Botswana Wants Trophy Hunting

By Joe Goergen

A recent publication by SCIF partners at the Okavango Research Institute highlights the importance of engaging local people in wildlife management decisions. The paper, published in the Journal of Sustainable Tourism, was led by Dr. Joseph Mbaiwa, Professor of Tourism Studies and Director of the institute, an internationally renowned academic center affiliated with the University of Botswana.

Whose voice matters in policy debates around trophy hunting, wildlife conservation, and sustainable development? Botswana’s five-year hunting moratorium in 2014 and subsequent reopening in 2019, while a disaster for the industry and rural communities, offers a full circle case study for analyzing this question.

The authors detail the various stakeholder groups interested in Botswana’s hunting reform including local communities, the private hunting industry, government authorities, photographic tourism sector, and anti-hunting Western public. Botswana’s previous Administration closed hunting under pressure from anti-hunting NGOs and the premise that photo-tourism was the solution. That never happened, and community livelihoods were destroyed overnight. In fact, most of the prime wildlife areas continue to be monopolized by large multinational photographic safari companies that exclude local people and are known to have high rates of revenue leakage.

Luckily, Botswana’s new leadership understood the importance of bringing communities to the table and listened to the Kgotla meetings happening across the country. President Masisi and his government lifted the hunting ban after a lengthy consultation process. Now villages in the Chobe Enclave and elsewhere in Ngamiland for example, pioneers in trophy hunting, are once again benefiting from their wildlife.

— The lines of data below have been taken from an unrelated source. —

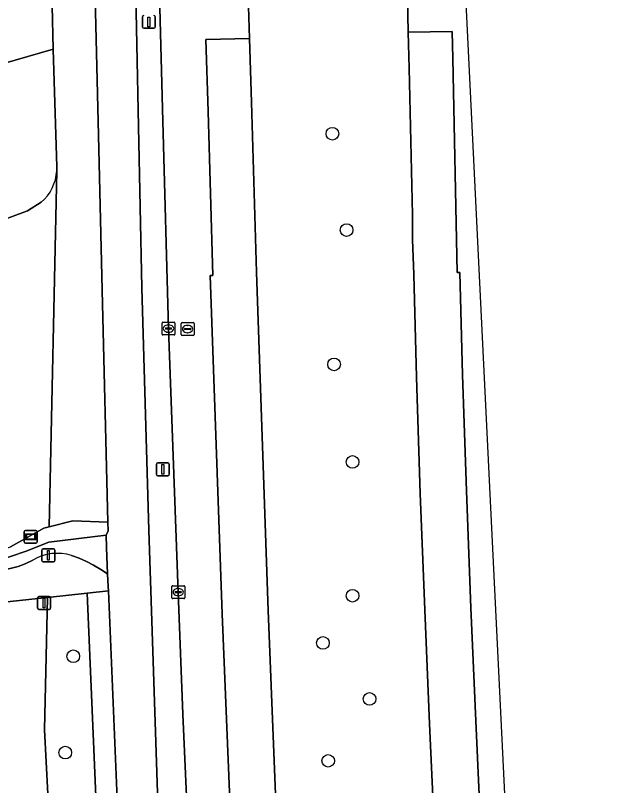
# Model space of a CAD drawing. Extents: x 158472 to 159562, y 388525 to 389606.
# Drawn here: x 159417 to 159462.4, y 389454.9 to 389514.5 of the extents above; entities that cross this region are included whole.
import ezdxf

# ---------------------------------------------------------------- set-up
doc = ezdxf.new("R2010")
doc.units = 0
for name, color, linetype in [('IMGEO_Afsluitpaal', 7, 'Continuous'), ('IMGEO_Berm_groen', 7, 'Continuous'), ('IMGEO_Boom', 7, 'Continuous'), ('IMGEO_Fietspad_gesloten', 7, 'Continuous'), ('IMGEO_Grasland_overig', 7, 'Continuous'), ('IMGEO_Groenvoorziening', 7, 'Continuous'), ('IMGEO_Informatiebord', 7, 'Continuous'), ('IMGEO_Kolk', 7, 'Continuous'), ('IMGEO_Lichtmast', 7, 'Continuous'), ('IMGEO_Loofbos', 7, 'Continuous'), ('IMGEO_OVBaan_gesloten', 7, 'Continuous'), ('IMGEO_Rijbaan_regionaal_gesloten', 7, 'Continuous'), ('IMGEO_Rioolput', 7, 'Continuous'), ('IMGEO_Voetpad_onverhard', 7, 'Continuous')]:
    doc.layers.add(name, color=color, linetype=linetype)

msp = doc.modelspace()

# ---------------------------------------------------------------- linework, layer by layer
at = {"layer": 'IMGEO_Afsluitpaal'}
for p, q in [((159419.039, 389472.298), (159419.039, 389473.098)), ((159419.039, 389473.098), (159419.039, 389472.298)), ((159419.139, 389473.198), (159419.929, 389473.198)), ((159419.929, 389473.198), (159419.139, 389473.198)), ((159420.029, 389473.098), (159420.029, 389472.298)), ((159420.029, 389472.298), (159420.029, 389473.098)), ((159419.929, 389472.198), (159419.139, 389472.198)), ((159419.139, 389472.198), (159419.929, 389472.198)), ((159418.807, 389469.512), (159419.597, 389469.512)), ((159419.597, 389469.512), (159418.807, 389469.512)), ((159418.707, 389468.612), (159418.707, 389469.412)), ((159418.707, 389469.412), (159418.707, 389468.612)), ((159419.697, 389469.412), (159419.697, 389468.612)), ((159419.697, 389468.612), (159419.697, 389469.412)), ((159419.597, 389468.512), (159418.807, 389468.512)), ((159418.807, 389468.512), (159419.597, 389468.512))]:
    msp.add_line(p, q, dxfattribs=at)
for points in [[(159419.459, 389473.073), (159419.609, 389473.073), (159419.609, 389472.323), (159419.459, 389472.323), (159419.459, 389473.073)], [(159419.127, 389469.387), (159419.277, 389469.387), (159419.277, 389468.637), (159419.127, 389468.637), (159419.127, 389469.387)]]:
    msp.add_lwpolyline(points, dxfattribs=at)
for centre, start, end in [((159419.139, 389473.098), 90, 180), ((159419.139, 389473.098), 90, 180), ((159419.929, 389473.098), 0, 90), ((159419.929, 389473.098), 360, 90), ((159419.139, 389472.298), 180, 270), ((159419.139, 389472.298), 180, 270), ((159419.929, 389472.298), 270, 0), ((159419.929, 389472.298), 270, 0), ((159418.807, 389469.412), 90, 180), ((159418.807, 389469.412), 90, 180), ((159419.597, 389469.412), 0, 90), ((159419.597, 389469.412), 360, 90), ((159418.807, 389468.612), 180, 270), ((159418.807, 389468.612), 180, 270), ((159419.597, 389468.612), 270, 0), ((159419.597, 389468.612), 270, 0)]:
    msp.add_arc(centre, 0.1, start, end, dxfattribs=at)
at = {"layer": 'IMGEO_Berm_groen'}
for points in [[(159448.294, 389477.475), (159448.004, 389486.485), (159447.799, 389494.423), (159447.701, 389497.13), (159447.714, 389499.02), (159447.438, 389510.385), (159447.371, 389513.151), (159447.254, 389519.791)], [(159433.726, 389387.33), (159432.498, 389407.699), (159431.402, 389428.051), (159430.845, 389439.311), (159430.422, 389449.451), (159429.943, 389460.414), (159429.584, 389469.844), (159428.831, 389490.237), (159428.394, 389506.275), (159428.128, 389516.041), (159428.052, 389518.864), (159426.251, 389518.575), (159426.509, 389505.868), (159426.762, 389493.388), (159427.315, 389474.643), (159428.11, 389450.418), (159429.714, 389418.151), (159430.128, 389408.571), (159430.962, 389392.384)], [(159434.939, 389517.649), (159435.104, 389512.671), (159435.25, 389507.754), (159435.302, 389505.983), (159435.628, 389494.592), (159436.538, 389468.425), (159437.448, 389445.812), (159438.055, 389432.454), (159438.526, 389423.535), (159439.042, 389414.768), (159440.159, 389396.511)], [(159462.413, 389257.635), (159461.317, 389270.868), (159458.683, 389302.364), (159457.234, 389320.414), (159456.576, 389329.28), (159455.933, 389338.361), (159455.343, 389347.27), (159454.267, 389365.293), (159453.188, 389383.221), (159452.141, 389401.253), (159451.155, 389419.217), (159450.672, 389428.191), (159449.926, 389441.726), (159449.437, 389450.675), (159449.022, 389459.654), (159448.651, 389468.489), (159448.294, 389477.475)]]:
    msp.add_lwpolyline(points, dxfattribs=at)
for points in [[(159423.412, 389505.2), (159423.108, 389517.946), (159420.879, 389517.451), (159419.83, 389517.218), (159419.825, 389515.204), (159419.918, 389511.844), (159420.2, 389502.751), (159420.193, 389502.437), (159419.59, 389474.888), (159421.437, 389475.35), (159424.151, 389475.248), (159423.7, 389493.212)], [(159429.524, 389365.522), (159427.85, 389392.06), (159427.019, 389408.625), (159426.613, 389418.069), (159425.013, 389450.143), (159424.18, 389469.944), (159422.537, 389469.768), (159423.302, 389451.637), (159427.938, 389364.58), (159435.062, 389275.325), (159436.082, 389260.026), (159436.417, 389257.448), (159436.447, 389257.47), (159437.196, 389258.35), (159436.06, 389275.392), (159433.891, 389304.797), (159431.846, 389332.651), (159430.139, 389356.523)]]:
    msp.add_lwpolyline(points, close=True, dxfattribs=at)
at = {"layer": 'IMGEO_Boom'}
for centre in [(159441.516, 389505.307), (159442.606, 389497.849), (159441.642, 389487.458), (159443.067, 389479.916), (159443.067, 389469.567), (159440.773, 389465.919), (159421.463, 389464.887), (159444.382, 389461.581), (159420.849, 389457.433), (159441.185, 389456.797)]:
    msp.add_circle(centre, 0.489, dxfattribs=at)
at = {"layer": 'IMGEO_Fietspad_gesloten'}
msp.add_lwpolyline([(159430.962, 389392.384), (159430.128, 389408.571), (159429.714, 389418.151), (159428.11, 389450.418), (159427.315, 389474.643), (159426.762, 389493.388), (159426.509, 389505.868), (159426.251, 389518.575), (159423.108, 389517.946), (159423.412, 389505.2), (159423.7, 389493.212), (159424.151, 389475.248), (159424.167, 389474.598), (159423.999, 389474.259), (159424.039, 389473.307), (159424.125, 389471.267), (159424.166, 389470.292), (159424.18, 389469.944), (159425.013, 389450.143), (159426.613, 389418.069), (159427.019, 389408.625), (159427.85, 389392.06)], dxfattribs=at)
at = {"layer": 'IMGEO_Grasland_overig'}
msp.add_lwpolyline([(159415.378, 389472.19), (159417.823, 389473.017), (159419.564, 389473.716), (159423.999, 389474.259), (159424.167, 389474.598), (159424.151, 389475.248), (159421.437, 389475.35), (159419.59, 389474.888), (159419.175, 389474.784), (159416.614, 389473.354)], dxfattribs=at)
at = {"layer": 'IMGEO_Groenvoorziening'}
for points in [[(159283.316, 389477.102), (159374.598, 389500), (159398.295, 389505.777), (159405.948, 389507.3), (159406.779, 389507.685), (159407.498, 389508.253), (159419.918, 389511.844), (159419.825, 389515.204)], [(159309.309, 389455.718), (159359.48, 389471.92), (159381.831, 389479.703), (159381.914, 389479.726), (159385.183, 389480.955), (159388.711, 389481.399), (159392.442, 389481.176), (159395.64, 389480.296), (159398.022, 389479.154), (159400.116, 389477.574), (159404.094, 389475.45), (159411.82, 389472.491), (159412.9, 389472.201), (159416.614, 389473.354), (159419.175, 389474.784), (159419.59, 389474.888), (159420.193, 389502.437)], [(159418.993, 389500), (159417.916, 389499.35), (159402.182, 389493.477), (159395.9, 389491.353), (159389.379, 389489.7), (159372.32, 389485.759), (159315.887, 389470.794), (159298.725, 389466.422), (159265.344, 389458.348), (159225.608, 389449.127), (159183.417, 389439.014), (159157.102, 389432.084)]]:
    msp.add_lwpolyline(points, dxfattribs=at)
msp.add_lwpolyline([(159422.537, 389469.768), (159419.47, 389469.438), (159419.246, 389459.202), (159420.283, 389439.398), (159423.523, 389377.509), (159425.887, 389340.806), (159429.3, 389312.223), (159436.082, 389260.026), (159435.062, 389275.325), (159427.938, 389364.58), (159423.302, 389451.637)], close=True, dxfattribs=at)
msp.add_arc((159416.648, 389502.669), 3.552, 311.30578, 356.26215, dxfattribs=at)
at = {"layer": 'IMGEO_Informatiebord'}
for p, q in [((159417.674, 389473.726), (159417.674, 389474.526)), ((159417.674, 389474.526), (159417.674, 389473.726)), ((159417.774, 389474.626), (159418.564, 389474.626)), ((159418.564, 389474.626), (159417.774, 389474.626)), ((159418.664, 389474.526), (159418.664, 389473.726)), ((159418.664, 389473.726), (159418.664, 389474.526)), ((159418.564, 389473.626), (159417.774, 389473.626)), ((159417.774, 389473.626), (159418.564, 389473.626))]:
    msp.add_line(p, q, dxfattribs=at)
for points in [[(159417.775, 389474.358), (159418.563, 389474.358), (159418.563, 389473.894), (159417.775, 389473.894), (159417.775, 389474.358)], [(159417.84, 389474.293), (159417.84, 389473.959), (159418.498, 389473.959), (159418.498, 389474.293), (159417.84, 389474.293)]]:
    msp.add_lwpolyline(points, dxfattribs=at)
for centre, start, end in [((159417.774, 389474.526), 90, 180), ((159417.774, 389474.526), 90, 180), ((159418.564, 389474.526), 0, 90), ((159418.564, 389474.526), 360, 90), ((159417.774, 389473.726), 180, 270), ((159417.774, 389473.726), 180, 270), ((159418.564, 389473.726), 270, 0), ((159418.564, 389473.726), 270, 0)]:
    msp.add_arc(centre, 0.1, start, end, dxfattribs=at)
at = {"layer": 'IMGEO_Kolk'}
for p, q in [((159428.33, 389489.811), (159428.33, 389490.663)), ((159428.405, 389490.737), (159429.257, 389490.737)), ((159428.818, 389490.517), (159428.843, 389490.517)), ((159429.331, 389490.663), (159429.331, 389489.811)), ((159428.589, 389490.231), (159428.589, 389490.243)), ((159429.027, 389490.194), (159428.629, 389490.194)), ((159428.632, 389490.28), (159429.03, 389490.28)), ((159428.841, 389489.957), (159428.816, 389489.957)), ((159429.073, 389490.243), (159429.073, 389490.231)), ((159429.257, 389489.737), (159428.405, 389489.737)), ((159429.083, 389469.418), (159429.083, 389470.27)), ((159429.158, 389470.344), (159430.01, 389470.344)), ((159429.571, 389470.124), (159429.596, 389470.124)), ((159430.084, 389470.27), (159430.084, 389469.418)), ((159429.342, 389469.838), (159429.342, 389469.85)), ((159429.78, 389469.801), (159429.382, 389469.801)), ((159429.385, 389469.887), (159429.783, 389469.887)), ((159429.594, 389469.564), (159429.569, 389469.564)), ((159429.826, 389469.85), (159429.826, 389469.838)), ((159430.01, 389469.344), (159429.158, 389469.344))]:
    msp.add_line(p, q, dxfattribs=at)
for points in [[(159428.33, 389489.811), (159428.33, 389490.663)], [(159428.405, 389490.737), (159429.257, 389490.737)], [(159429.331, 389490.663), (159429.331, 389489.811)], [(159429.257, 389489.737), (159428.405, 389489.737)], [(159429.083, 389469.418), (159429.083, 389470.27)], [(159429.158, 389470.344), (159430.01, 389470.344)], [(159430.084, 389470.27), (159430.084, 389469.418)], [(159430.01, 389469.344), (159429.158, 389469.344)]]:
    msp.add_lwpolyline(points, dxfattribs=at)
for centre, radius, start, end in [((159428.407, 389490.661), 0.0765, 91.55205, 178.44795), ((159428.407, 389490.661), 0.0765, 91.55205, 178.44795), ((159429.255, 389490.661), 0.0765, 1.55205, 88.44795), ((159429.255, 389490.661), 0.0765, 1.55205, 88.44795), ((159428.407, 389489.813), 0.0765, 181.55205, 268.44795), ((159428.407, 389489.813), 0.0765, 181.55205, 268.44795), ((159428.629, 389490.24), 0.0403, 85.87752, 175.75265), ((159428.626, 389490.23), 0.0366, 178.93798, 274.71019), ((159429.03, 389490.237), 0.043, 264.86636, 352.45326), ((159429.034, 389490.242), 0.0386, 1.73085, 96.63898), ((159429.255, 389489.813), 0.0765, 271.55205, 358.44795), ((159429.255, 389489.813), 0.0765, 271.55205, 358.44795), ((159429.16, 389470.268), 0.0765, 91.55205, 178.44795), ((159429.16, 389470.268), 0.0765, 91.55205, 178.44795), ((159430.008, 389470.268), 0.0765, 1.55205, 88.44795), ((159430.008, 389470.268), 0.0765, 1.55205, 88.44795), ((159429.382, 389469.847), 0.0403, 85.87752, 175.75265), ((159429.379, 389469.837), 0.0366, 178.93798, 274.71019), ((159429.783, 389469.844), 0.043, 264.86636, 352.45326), ((159429.787, 389469.849), 0.0386, 1.73085, 96.63898), ((159429.16, 389469.42), 0.0765, 181.55205, 268.44795), ((159429.16, 389469.42), 0.0765, 181.55205, 268.44795), ((159430.008, 389469.42), 0.0765, 271.55205, 358.44795), ((159430.008, 389469.42), 0.0765, 271.55205, 358.44795)]:
    msp.add_arc(centre, radius, start, end, dxfattribs=at)
for centre, major_axis, ratio, start_param, end_param in [((159428.817, 389490.237), (-0.387, 0.002), 0.722429, 4.712389, 7.853982), ((159428.842, 389490.237), (-0.39, 0.002), 0.717154, 1.570796, 4.712389), ((159429.57, 389469.844), (-0.387, 0.002), 0.722429, 4.712389, 7.853982), ((159429.595, 389469.844), (-0.39, 0.002), 0.717154, 1.570796, 4.712389)]:
    msp.add_ellipse(centre, major_axis=major_axis, ratio=ratio, start_param=start_param, end_param=end_param, dxfattribs=at)
at = {"layer": 'IMGEO_Lichtmast'}
for p, q in [((159426.815, 389513.559), (159426.815, 389514.359)), ((159426.815, 389514.359), (159426.815, 389513.559)), ((159427.805, 389514.359), (159427.805, 389513.559)), ((159427.805, 389513.559), (159427.805, 389514.359)), ((159427.705, 389513.459), (159426.915, 389513.459)), ((159426.915, 389513.459), (159427.705, 389513.459)), ((159427.899, 389478.95), (159427.899, 389479.75)), ((159427.899, 389479.75), (159427.899, 389478.95)), ((159427.999, 389479.85), (159428.789, 389479.85)), ((159428.789, 389479.85), (159427.999, 389479.85)), ((159428.889, 389479.75), (159428.889, 389478.95)), ((159428.889, 389478.95), (159428.889, 389479.75)), ((159428.789, 389478.85), (159427.999, 389478.85)), ((159427.999, 389478.85), (159428.789, 389478.85))]:
    msp.add_line(p, q, dxfattribs=at)
for points in [[(159427.235, 389514.334), (159427.385, 389514.334), (159427.385, 389513.584), (159427.235, 389513.584), (159427.235, 389514.334)], [(159428.319, 389479.725), (159428.469, 389479.725), (159428.469, 389478.975), (159428.319, 389478.975), (159428.319, 389479.725)]]:
    msp.add_lwpolyline(points, dxfattribs=at)
for centre, start, end in [((159426.915, 389514.359), 90, 180), ((159426.915, 389514.359), 90, 180), ((159427.705, 389514.359), 0, 90), ((159427.705, 389514.359), 360, 90), ((159426.915, 389513.559), 180, 270), ((159426.915, 389513.559), 180, 270), ((159427.705, 389513.559), 270, 0), ((159427.705, 389513.559), 270, 0), ((159427.999, 389479.75), 90, 180), ((159427.999, 389479.75), 90, 180), ((159428.789, 389479.75), 0, 90), ((159428.789, 389479.75), 360, 90), ((159427.999, 389478.95), 180, 270), ((159427.999, 389478.95), 180, 270), ((159428.789, 389478.95), 270, 0), ((159428.789, 389478.95), 270, 0)]:
    msp.add_arc(centre, 0.1, start, end, dxfattribs=at)
at = {"layer": 'IMGEO_Loofbos'}
for points in [[(159420.193, 389502.437), (159420.2, 389502.751), (159419.918, 389511.844), (159407.498, 389508.253), (159406.779, 389507.685), (159405.948, 389507.3), (159398.295, 389505.777), (159374.598, 389500), (159283.316, 389477.102), (159272.307, 389475.399), (159219.754, 389460.745), (159202.744, 389456.232), (159185.076, 389451.313), (159137.191, 389437.453)], [(159265.344, 389458.348), (159298.725, 389466.422), (159315.887, 389470.794), (159372.32, 389485.759), (159389.379, 389489.7), (159395.9, 389491.353), (159402.182, 389493.477), (159417.916, 389499.35), (159418.993, 389500)], [(159418.334, 389472.323), (159417.734, 389472.035), (159417.189, 389471.837), (159416.589, 389471.677), (159415.978, 389471.551), (159415.432, 389471.45), (159414.753, 389471.32), (159414.145, 389471.199), (159409.737, 389471.396), (159405.64, 389472.977), (159398.86, 389476.642), (159393.579, 389478.739), (159390.348, 389479.09), (159386.497, 389479.09), (159376.487, 389476.356), (159359.573, 389470.118), (159331.985, 389460.562), (159308.846, 389453.626)], [(159411.497, 389468.58), (159419.47, 389469.438), (159422.537, 389469.768), (159424.18, 389469.944), (159424.166, 389470.292), (159424.125, 389471.267), (159423.585, 389471.604), (159423.041, 389471.927), (159422.487, 389472.222), (159421.921, 389472.476), (159421.336, 389472.674)], [(159414.262, 389438.927), (159420.283, 389439.398), (159419.246, 389459.202), (159419.47, 389469.438), (159411.497, 389468.58)]]:
    msp.add_lwpolyline(points, dxfattribs=at)
for centre, radius, start, end in [((159416.648, 389502.669), 3.552, 311.30578, 356.26215), ((159420.223, 389469.179), 3.668, 72.33518, 121.00255)]:
    msp.add_arc(centre, radius, start, end, dxfattribs=at)
at = {"layer": 'IMGEO_OVBaan_gesloten'}
for points in [[(159453.024, 389450.735), (159452.606, 389459.88), (159452.231, 389468.621), (159451.872, 389477.677), (159451.586, 389486.657), (159451.364, 389494.572), (159451.169, 389494.567), (159450.817, 389511.114), (159450.773, 389513.203), (159447.371, 389513.151), (159447.438, 389510.385), (159447.714, 389499.02), (159447.701, 389497.13), (159447.799, 389494.423), (159448.004, 389486.485), (159448.294, 389477.475), (159448.651, 389468.489), (159449.022, 389459.654), (159449.437, 389450.675)], [(159440.159, 389396.511), (159439.042, 389414.768), (159438.526, 389423.535), (159438.055, 389432.454), (159437.448, 389445.812), (159436.538, 389468.425), (159435.628, 389494.592), (159435.302, 389505.983), (159435.25, 389507.754), (159435.104, 389512.671), (159431.726, 389512.587), (159431.888, 389507.029), (159432.257, 389494.344), (159432.064, 389494.333), (159432.987, 389468.176), (159433.916, 389445.596), (159434.506, 389432.221), (159434.967, 389423.321), (159435.45, 389414.586), (159436.596, 389396.211)]]:
    msp.add_lwpolyline(points, dxfattribs=at)
at = {"layer": 'IMGEO_Rijbaan_regionaal_gesloten'}
for points in [[(159461.772, 389332.122), (159456.481, 389421.006), (159451.656, 389519.648), (159451.444, 389523.967), (159447.188, 389522.941), (159447.248, 389520.057), (159447.254, 389519.791), (159447.371, 389513.151), (159450.773, 389513.203), (159450.817, 389511.114), (159451.169, 389494.567), (159451.364, 389494.572), (159451.586, 389486.657), (159451.872, 389477.677), (159452.231, 389468.621), (159452.606, 389459.88), (159453.024, 389450.735), (159453.497, 389441.831), (159454.229, 389428.474), (159454.709, 389419.463), (159455.709, 389401.512)], [(159436.596, 389396.211), (159435.45, 389414.586), (159434.967, 389423.321), (159434.506, 389432.221), (159433.916, 389445.596), (159432.987, 389468.176), (159432.064, 389494.333), (159432.257, 389494.344), (159431.888, 389507.029), (159431.726, 389512.587), (159435.104, 389512.671), (159434.939, 389517.649)], [(159428.128, 389516.041), (159428.394, 389506.275), (159428.831, 389490.237), (159429.584, 389469.844), (159429.943, 389460.414), (159430.422, 389449.451), (159430.845, 389439.311), (159431.402, 389428.051), (159432.498, 389407.699), (159433.726, 389387.33)]]:
    msp.add_lwpolyline(points, dxfattribs=at)
at = {"layer": 'IMGEO_Rioolput'}
for p, q in [((159429.805, 389489.769), (159429.805, 389490.621)), ((159429.88, 389490.695), (159430.732, 389490.695)), ((159430.293, 389490.475), (159430.318, 389490.475)), ((159430.806, 389490.621), (159430.806, 389489.769)), ((159430.064, 389490.189), (159430.064, 389490.201)), ((159430.502, 389490.152), (159430.104, 389490.152)), ((159430.107, 389490.238), (159430.505, 389490.238)), ((159430.316, 389489.915), (159430.291, 389489.915)), ((159430.548, 389490.201), (159430.548, 389490.189)), ((159430.732, 389489.695), (159429.88, 389489.695))]:
    msp.add_line(p, q, dxfattribs=at)
for points in [[(159429.805, 389489.769), (159429.805, 389490.621)], [(159429.88, 389490.695), (159430.732, 389490.695)], [(159430.806, 389490.621), (159430.806, 389489.769)], [(159430.732, 389489.695), (159429.88, 389489.695)]]:
    msp.add_lwpolyline(points, dxfattribs=at)
for centre, radius, start, end in [((159429.882, 389490.619), 0.0765, 91.55205, 178.44795), ((159429.882, 389490.619), 0.0765, 91.55205, 178.44795), ((159430.73, 389490.619), 0.0765, 1.55205, 88.44795), ((159430.73, 389490.619), 0.0765, 1.55205, 88.44795), ((159429.882, 389489.771), 0.0765, 181.55205, 268.44795), ((159429.882, 389489.771), 0.0765, 181.55205, 268.44795), ((159430.104, 389490.198), 0.0403, 85.87752, 175.75265), ((159430.101, 389490.188), 0.0366, 178.93798, 274.71019), ((159430.505, 389490.195), 0.043, 264.86636, 352.45326), ((159430.509, 389490.2), 0.0386, 1.73085, 96.63898), ((159430.73, 389489.771), 0.0765, 271.55205, 358.44795), ((159430.73, 389489.771), 0.0765, 271.55205, 358.44795)]:
    msp.add_arc(centre, radius, start, end, dxfattribs=at)
for centre, major_axis, ratio, start_param, end_param in [((159430.292, 389490.195), (-0.387, 0.002), 0.722429, 4.712389, 7.853982), ((159430.317, 389490.195), (-0.39, 0.002), 0.717154, 1.570796, 4.712389)]:
    msp.add_ellipse(centre, major_axis=major_axis, ratio=ratio, start_param=start_param, end_param=end_param, dxfattribs=at)
at = {"layer": 'IMGEO_Voetpad_onverhard'}
for points in [[(159421.336, 389472.674), (159421.921, 389472.476), (159422.487, 389472.222), (159423.041, 389471.927), (159423.585, 389471.604), (159424.125, 389471.267), (159424.039, 389473.307), (159423.999, 389474.259), (159419.564, 389473.716), (159417.823, 389473.017), (159415.378, 389472.19)], [(159414.145, 389471.199), (159414.753, 389471.32), (159415.432, 389471.45), (159415.978, 389471.551), (159416.589, 389471.677), (159417.189, 389471.837), (159417.734, 389472.035), (159418.334, 389472.323)]]:
    msp.add_lwpolyline(points, dxfattribs=at)
msp.add_arc((159420.223, 389469.179), 3.668, 72.33518, 121.00255, dxfattribs=at)

doc.saveas('drawing.dxf')

The primary finding of the research article is that local Batswana want hunting in their areas, but they also want non-consumptive tourism too, and this shouldn’t be surprising. People want a diversity of income sources to maximize benefits from wildlife in their communal areas.

One respondent was quoted saying, “hunting should be allowed because it is part of our culture, modified to become trophy hunting through the CBNRM program”.

Despite the public’s one size fits all mindset, trophy hunting and photo-tourism are complementary, and African wildlife managers should employ both industries over space and time as a strategy to fund community-based conservation. Yes, photographic is productive in areas of high wildlife density, while hunting can operate in buffer zones. In this way, we can begin to build a more robust wildlife economy with significant poverty alleviation and healthier conservation systems for both people and wildlife.

SCIF’s team saw this firsthand with their recent visit to community areas in northern Botswana. Some community trusts are using income from the new hunting season to maintain high-end photographic lodges or build middle market self-catering campsites. Hunting and photo-tourism is not a one versus the other debate. Wildlife conservation should be less about the influence of public opinion and more focused on community-based land use planning.

Unfortunately, the Global North is forcing its anti-hunting dogmatism on Africa in what the literature now calls “eco-colonialism”, ignoring the voices of poor marginalized communities in the public discourse contrary to the contemporary movement of rights-based cultural inclusivity. The publication argues that the issue of ethics may actually be reversed, and that it is unethical to oppose Botswana’s will to manage its own wildlife and sustainably develop through trophy hunting.